++++ SOURCE RECORDS ++++

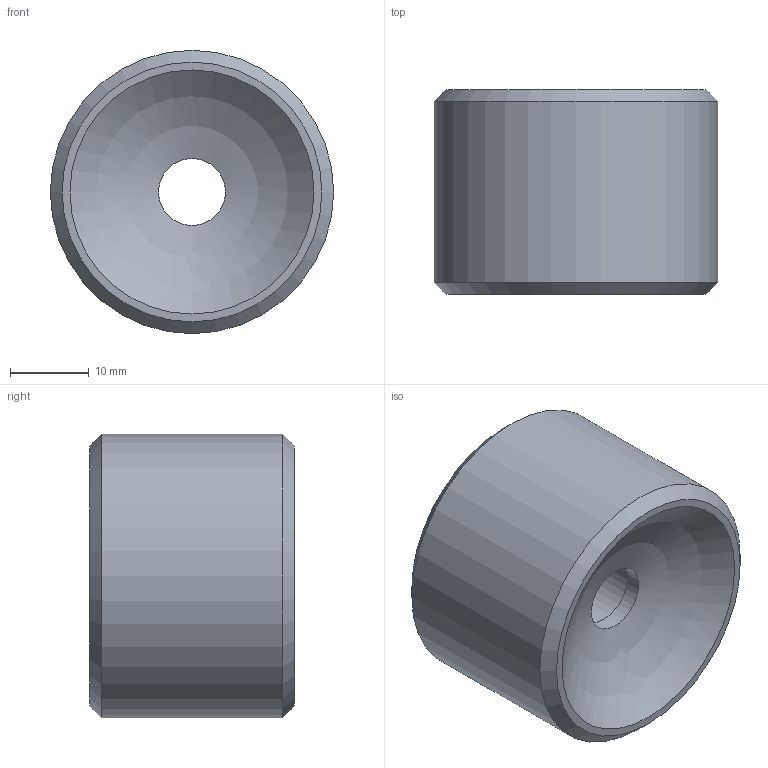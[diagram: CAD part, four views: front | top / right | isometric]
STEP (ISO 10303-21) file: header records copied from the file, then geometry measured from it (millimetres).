
FILE_DESCRIPTION(('CAx-IF Rec.Pracs.---Model Styling and Organization---1.5---2016-08-15','CAx-IF Rec.Pracs.---Geometric and Assembly Validation Properties---4.4---2016-08-17','CAx-IF Rec.Pracs.---User Defined Attributes---1.5---2016-08-15','CAx-IF Rec.Pracs.---External References---2.1---2005-01-19'),'2;1');
FILE_NAME('EZ-0249-M36x1.5-R22-26-Andruckschraube-Bestell-Nr.-0028243.stp','2023-03-13T16:50:15',('Unspecified'),('Unspecified'),'CAD Exchanger 3.17.0 (cadexchanger.com)','Unspecified','');
FILE_SCHEMA(('AP242_MANAGED_MODEL_BASED_3D_ENGINEERING_MIM_LF { 1 0 10303 442 1 1 4 }'));
Length unit declared in the file: millimetre
Products named in the file (1): EZ-0249-M36x1.5-R22-26-Andruckschraube-Bestell-Nr.-0028243
Bounding box: 36 x 26 x 36 mm (x, y, z)
Volume: 22064.1 mm3; surface area: 5437.9 mm2
Topology: 1 solids, 1 shells, 21 faces, 46 edges, 28 vertices
Faces by surface type: plane 15, cylinder 3, cone 2, sphere 1
Full cylindrical faces by diameter (mm): 8.5 x1, 10 x1, 36 x1
Entity records: 922 total; most frequent: CARTESIAN_POINT 100, DIRECTION 98, ORIENTED_EDGE 92, EDGE_CURVE 46, AXIS2_PLACEMENT_3D 37, PROPERTY_DEFINITION 36, REPRESENTATION 36, PROPERTY_DEFINITION_REPRESENTATION 36

++++

TASK INSTRUCTIONS:
Write out the lines above, starting at the line that contains "FILE_DESCRIPTION(('CAx-IF Rec.Pracs.---Model Styling" and ending with the final line, and nothing else; copy them exactly.

SOLUTION TO THE PROBLEM:
FILE_DESCRIPTION(('CAx-IF Rec.Pracs.---Model Styling and Organization---1.5---2016-08-15','CAx-IF Rec.Pracs.---Geometric and Assembly Validation Properties---4.4---2016-08-17','CAx-IF Rec.Pracs.---User Defined Attributes---1.5---2016-08-15','CAx-IF Rec.Pracs.---External References---2.1---2005-01-19'),'2;1');
FILE_NAME('EZ-0249-M36x1.5-R22-26-Andruckschraube-Bestell-Nr.-0028243.stp','2023-03-13T16:50:15',('Unspecified'),('Unspecified'),'CAD Exchanger 3.17.0 (cadexchanger.com)','Unspecified','');
FILE_SCHEMA(('AP242_MANAGED_MODEL_BASED_3D_ENGINEERING_MIM_LF { 1 0 10303 442 1 1 4 }'));
Length unit declared in the file: millimetre
Products named in the file (1): EZ-0249-M36x1.5-R22-26-Andruckschraube-Bestell-Nr.-0028243
Bounding box: 36 x 26 x 36 mm (x, y, z)
Volume: 22064.1 mm3; surface area: 5437.9 mm2
Topology: 1 solids, 1 shells, 21 faces, 46 edges, 28 vertices
Faces by surface type: plane 15, cylinder 3, cone 2, sphere 1
Full cylindrical faces by diameter (mm): 8.5 x1, 10 x1, 36 x1
Entity records: 922 total; most frequent: CARTESIAN_POINT 100, DIRECTION 98, ORIENTED_EDGE 92, EDGE_CURVE 46, AXIS2_PLACEMENT_3D 37, PROPERTY_DEFINITION 36, REPRESENTATION 36, PROPERTY_DEFINITION_REPRESENTATION 36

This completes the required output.